Task prompt
Scan the data below for lines holding the word "comment", and copy each line found.

Data supplied
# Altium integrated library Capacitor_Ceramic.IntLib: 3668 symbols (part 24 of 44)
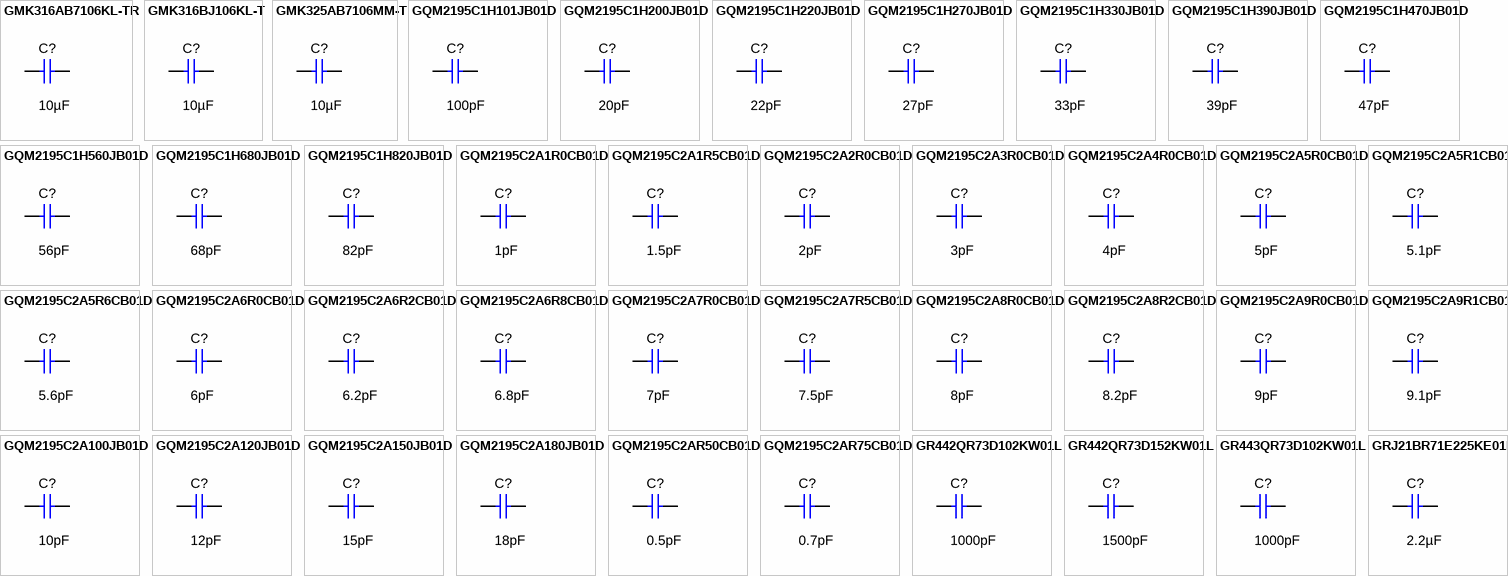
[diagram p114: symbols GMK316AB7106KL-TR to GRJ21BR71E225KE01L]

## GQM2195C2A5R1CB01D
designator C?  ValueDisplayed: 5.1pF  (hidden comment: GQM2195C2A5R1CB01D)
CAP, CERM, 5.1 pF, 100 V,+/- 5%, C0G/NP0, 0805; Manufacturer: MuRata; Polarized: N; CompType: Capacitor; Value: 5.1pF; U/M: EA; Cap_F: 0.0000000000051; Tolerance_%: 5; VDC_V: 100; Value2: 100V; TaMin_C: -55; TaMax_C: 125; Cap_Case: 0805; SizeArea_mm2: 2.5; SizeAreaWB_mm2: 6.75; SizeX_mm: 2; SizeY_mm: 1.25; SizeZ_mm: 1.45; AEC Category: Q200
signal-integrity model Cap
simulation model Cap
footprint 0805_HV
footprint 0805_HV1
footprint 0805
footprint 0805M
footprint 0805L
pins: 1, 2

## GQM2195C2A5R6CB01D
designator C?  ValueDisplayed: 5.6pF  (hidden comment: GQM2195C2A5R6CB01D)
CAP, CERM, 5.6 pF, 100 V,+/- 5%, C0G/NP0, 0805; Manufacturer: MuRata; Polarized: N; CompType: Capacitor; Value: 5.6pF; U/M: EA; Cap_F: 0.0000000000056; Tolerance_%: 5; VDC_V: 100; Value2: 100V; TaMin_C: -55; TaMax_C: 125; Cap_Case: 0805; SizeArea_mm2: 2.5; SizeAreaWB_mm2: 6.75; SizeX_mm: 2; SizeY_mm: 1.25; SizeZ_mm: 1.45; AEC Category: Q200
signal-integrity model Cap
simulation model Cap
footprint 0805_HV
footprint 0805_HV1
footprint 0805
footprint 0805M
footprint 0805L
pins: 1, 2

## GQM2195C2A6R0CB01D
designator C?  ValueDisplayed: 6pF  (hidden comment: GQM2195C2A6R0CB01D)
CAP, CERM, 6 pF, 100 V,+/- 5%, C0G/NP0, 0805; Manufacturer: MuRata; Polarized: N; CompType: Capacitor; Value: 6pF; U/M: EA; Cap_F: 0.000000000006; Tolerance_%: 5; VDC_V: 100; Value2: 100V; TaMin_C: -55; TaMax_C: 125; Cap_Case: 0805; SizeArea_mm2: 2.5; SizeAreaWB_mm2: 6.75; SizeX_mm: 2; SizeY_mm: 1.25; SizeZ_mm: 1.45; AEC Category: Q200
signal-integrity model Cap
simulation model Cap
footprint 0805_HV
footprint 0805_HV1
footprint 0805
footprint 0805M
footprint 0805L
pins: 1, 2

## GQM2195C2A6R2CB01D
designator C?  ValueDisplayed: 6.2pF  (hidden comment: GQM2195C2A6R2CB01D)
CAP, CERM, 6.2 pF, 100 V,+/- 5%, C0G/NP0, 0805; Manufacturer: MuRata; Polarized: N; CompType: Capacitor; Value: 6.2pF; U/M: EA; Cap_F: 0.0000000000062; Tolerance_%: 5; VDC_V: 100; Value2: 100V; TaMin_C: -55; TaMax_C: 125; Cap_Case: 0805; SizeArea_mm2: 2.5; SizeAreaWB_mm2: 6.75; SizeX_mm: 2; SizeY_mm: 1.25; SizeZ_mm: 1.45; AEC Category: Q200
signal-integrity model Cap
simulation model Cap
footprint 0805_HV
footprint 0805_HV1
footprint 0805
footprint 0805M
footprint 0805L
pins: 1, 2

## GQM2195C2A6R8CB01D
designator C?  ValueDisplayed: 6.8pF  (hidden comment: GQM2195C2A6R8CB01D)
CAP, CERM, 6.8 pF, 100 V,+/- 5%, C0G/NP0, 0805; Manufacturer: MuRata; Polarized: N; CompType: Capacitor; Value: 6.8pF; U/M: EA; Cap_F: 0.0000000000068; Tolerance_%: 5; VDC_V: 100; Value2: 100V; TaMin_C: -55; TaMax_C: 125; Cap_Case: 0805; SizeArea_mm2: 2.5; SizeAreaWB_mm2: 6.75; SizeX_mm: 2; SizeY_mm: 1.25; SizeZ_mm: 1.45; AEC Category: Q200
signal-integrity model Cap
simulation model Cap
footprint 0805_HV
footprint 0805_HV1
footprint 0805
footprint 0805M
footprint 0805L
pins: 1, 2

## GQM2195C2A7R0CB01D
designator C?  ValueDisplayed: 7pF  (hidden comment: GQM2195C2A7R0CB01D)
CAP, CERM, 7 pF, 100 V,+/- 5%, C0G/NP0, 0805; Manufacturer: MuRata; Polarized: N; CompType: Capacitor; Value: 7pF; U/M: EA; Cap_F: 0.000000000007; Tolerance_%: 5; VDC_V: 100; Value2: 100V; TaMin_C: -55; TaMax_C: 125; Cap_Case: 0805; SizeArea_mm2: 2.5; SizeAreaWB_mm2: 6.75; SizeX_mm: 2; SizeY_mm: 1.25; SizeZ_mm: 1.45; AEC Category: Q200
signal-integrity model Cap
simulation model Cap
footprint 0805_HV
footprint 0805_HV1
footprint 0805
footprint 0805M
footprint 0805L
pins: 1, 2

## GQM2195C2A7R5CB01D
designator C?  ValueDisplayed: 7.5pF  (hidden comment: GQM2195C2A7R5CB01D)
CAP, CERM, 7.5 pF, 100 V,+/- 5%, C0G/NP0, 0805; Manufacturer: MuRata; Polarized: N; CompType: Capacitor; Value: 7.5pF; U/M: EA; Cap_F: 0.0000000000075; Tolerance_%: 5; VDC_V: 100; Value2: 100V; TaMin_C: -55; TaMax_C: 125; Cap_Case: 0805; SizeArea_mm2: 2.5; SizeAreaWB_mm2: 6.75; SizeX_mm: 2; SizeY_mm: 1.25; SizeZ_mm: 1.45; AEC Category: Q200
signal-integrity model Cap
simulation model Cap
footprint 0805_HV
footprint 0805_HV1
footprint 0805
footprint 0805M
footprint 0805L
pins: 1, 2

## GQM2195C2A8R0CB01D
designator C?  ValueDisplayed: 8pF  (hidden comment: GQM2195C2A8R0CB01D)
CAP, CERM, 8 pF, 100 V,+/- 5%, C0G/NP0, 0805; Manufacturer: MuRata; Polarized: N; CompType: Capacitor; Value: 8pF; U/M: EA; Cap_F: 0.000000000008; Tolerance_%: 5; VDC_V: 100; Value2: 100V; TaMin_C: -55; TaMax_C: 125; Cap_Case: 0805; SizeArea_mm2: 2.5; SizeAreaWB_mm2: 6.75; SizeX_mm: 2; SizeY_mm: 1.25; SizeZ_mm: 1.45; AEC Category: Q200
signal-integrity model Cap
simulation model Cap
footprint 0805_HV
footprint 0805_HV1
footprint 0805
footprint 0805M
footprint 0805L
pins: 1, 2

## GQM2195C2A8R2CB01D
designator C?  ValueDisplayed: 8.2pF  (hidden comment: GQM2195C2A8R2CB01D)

Answer section
designator C?  ValueDisplayed: 5.1pF  (hidden comment: GQM2195C2A5R1CB01D)
designator C?  ValueDisplayed: 5.6pF  (hidden comment: GQM2195C2A5R6CB01D)
designator C?  ValueDisplayed: 6pF  (hidden comment: GQM2195C2A6R0CB01D)
designator C?  ValueDisplayed: 6.2pF  (hidden comment: GQM2195C2A6R2CB01D)
designator C?  ValueDisplayed: 6.8pF  (hidden comment: GQM2195C2A6R8CB01D)
designator C?  ValueDisplayed: 7pF  (hidden comment: GQM2195C2A7R0CB01D)
designator C?  ValueDisplayed: 7.5pF  (hidden comment: GQM2195C2A7R5CB01D)
designator C?  ValueDisplayed: 8pF  (hidden comment: GQM2195C2A8R0CB01D)
designator C?  ValueDisplayed: 8.2pF  (hidden comment: GQM2195C2A8R2CB01D)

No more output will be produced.